WHAT TO DO:
In the lines below, count those containing the word "VECTOR" and give the number alone.

EXERCISE MATERIALS:

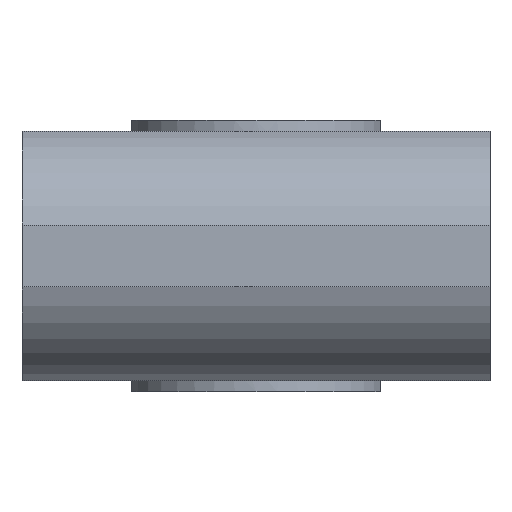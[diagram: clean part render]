
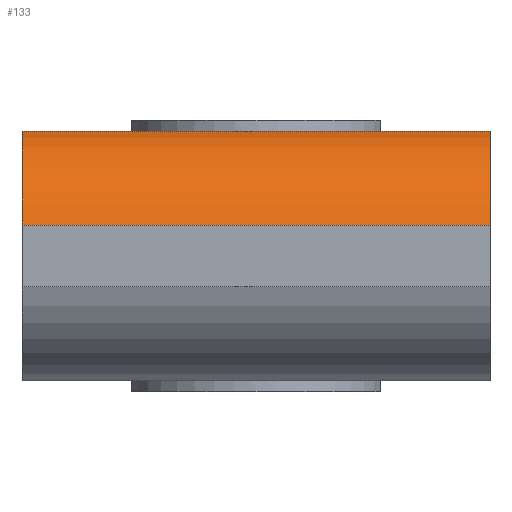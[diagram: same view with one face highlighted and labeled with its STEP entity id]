
A CAD part, front view. The second image highlights one B-rep face of the part: STEP entity #133.
In plain terms, the highlighted cylindrical face has radius 17 mm (diameter 34 mm), a partial arc.
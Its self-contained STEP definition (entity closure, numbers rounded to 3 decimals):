
#66 = VECTOR ( 'NONE', #1084, 1000. ) ;
#69 = CARTESIAN_POINT ( 'NONE',  ( -31., -38.093, 16.5 ) ) ;
#94 = ORIENTED_EDGE ( 'NONE', *, *, #956, .F. ) ;
#133 = ADVANCED_FACE ( 'NONE', ( #603 ), #492, .T. ) ;
#145 = DIRECTION ( 'NONE',  ( 1., 0., 0. ) ) ;
#146 = EDGE_CURVE ( 'NONE', #575, #600, #1157, .T. ) ;
#245 = ORIENTED_EDGE ( 'NONE', *, *, #950, .T. ) ;
#258 = VECTOR ( 'NONE', #801, 1000. ) ;
#263 = CIRCLE ( 'NONE', #947, 17. ) ;
#333 = LINE ( 'NONE', #1192, #66 ) ;
#492 = CYLINDRICAL_SURFACE ( 'NONE', #1004, 17. ) ;
#513 = DIRECTION ( 'NONE',  ( 0., 0., -1. ) ) ;
#575 = VERTEX_POINT ( 'NONE', #770 ) ;
#587 = ORIENTED_EDGE ( 'NONE', *, *, #146, .T. ) ;
#591 = CIRCLE ( 'NONE', #799, 17. ) ;
#600 = VERTEX_POINT ( 'NONE', #69 ) ;
#603 = FACE_OUTER_BOUND ( 'NONE', #1202, .T. ) ;
#681 = EDGE_CURVE ( 'NONE', #1209, #1171, #333, .T. ) ;
#758 = CARTESIAN_POINT ( 'NONE',  ( 31., -50.5, 4.093 ) ) ;
#770 = CARTESIAN_POINT ( 'NONE',  ( 31., -38.093, 16.5 ) ) ;
#792 = DIRECTION ( 'NONE',  ( 1., 0., 0. ) ) ;
#799 = AXIS2_PLACEMENT_3D ( 'NONE', #983, #145, #513 ) ;
#801 = DIRECTION ( 'NONE',  ( -1., 0., 0. ) ) ;
#863 = DIRECTION ( 'NONE',  ( 0., 0., 1. ) ) ;
#870 = CARTESIAN_POINT ( 'NONE',  ( 31., -34., 0. ) ) ;
#907 = CARTESIAN_POINT ( 'NONE',  ( 31., -38.093, 16.5 ) ) ;
#925 = ORIENTED_EDGE ( 'NONE', *, *, #681, .T. ) ;
#947 = AXIS2_PLACEMENT_3D ( 'NONE', #1061, #792, #1177 ) ;
#950 = EDGE_CURVE ( 'NONE', #600, #1209, #591, .T. ) ;
#956 = EDGE_CURVE ( 'NONE', #575, #1171, #263, .T. ) ;
#979 = DIRECTION ( 'NONE',  ( -1., 0., 0. ) ) ;
#983 = CARTESIAN_POINT ( 'NONE',  ( -31., -34., 0. ) ) ;
#1004 = AXIS2_PLACEMENT_3D ( 'NONE', #870, #979, #863 ) ;
#1061 = CARTESIAN_POINT ( 'NONE',  ( 31., -34., 0. ) ) ;
#1084 = DIRECTION ( 'NONE',  ( 1., 0., 0. ) ) ;
#1116 = CARTESIAN_POINT ( 'NONE',  ( -31., -50.5, 4.093 ) ) ;
#1157 = LINE ( 'NONE', #907, #258 ) ;
#1171 = VERTEX_POINT ( 'NONE', #758 ) ;
#1177 = DIRECTION ( 'NONE',  ( 0., 0., -1. ) ) ;
#1192 = CARTESIAN_POINT ( 'NONE',  ( 31., -50.5, 4.093 ) ) ;
#1202 = EDGE_LOOP ( 'NONE', ( #94, #587, #245, #925 ) ) ;
#1209 = VERTEX_POINT ( 'NONE', #1116 ) ;

RESULT:
2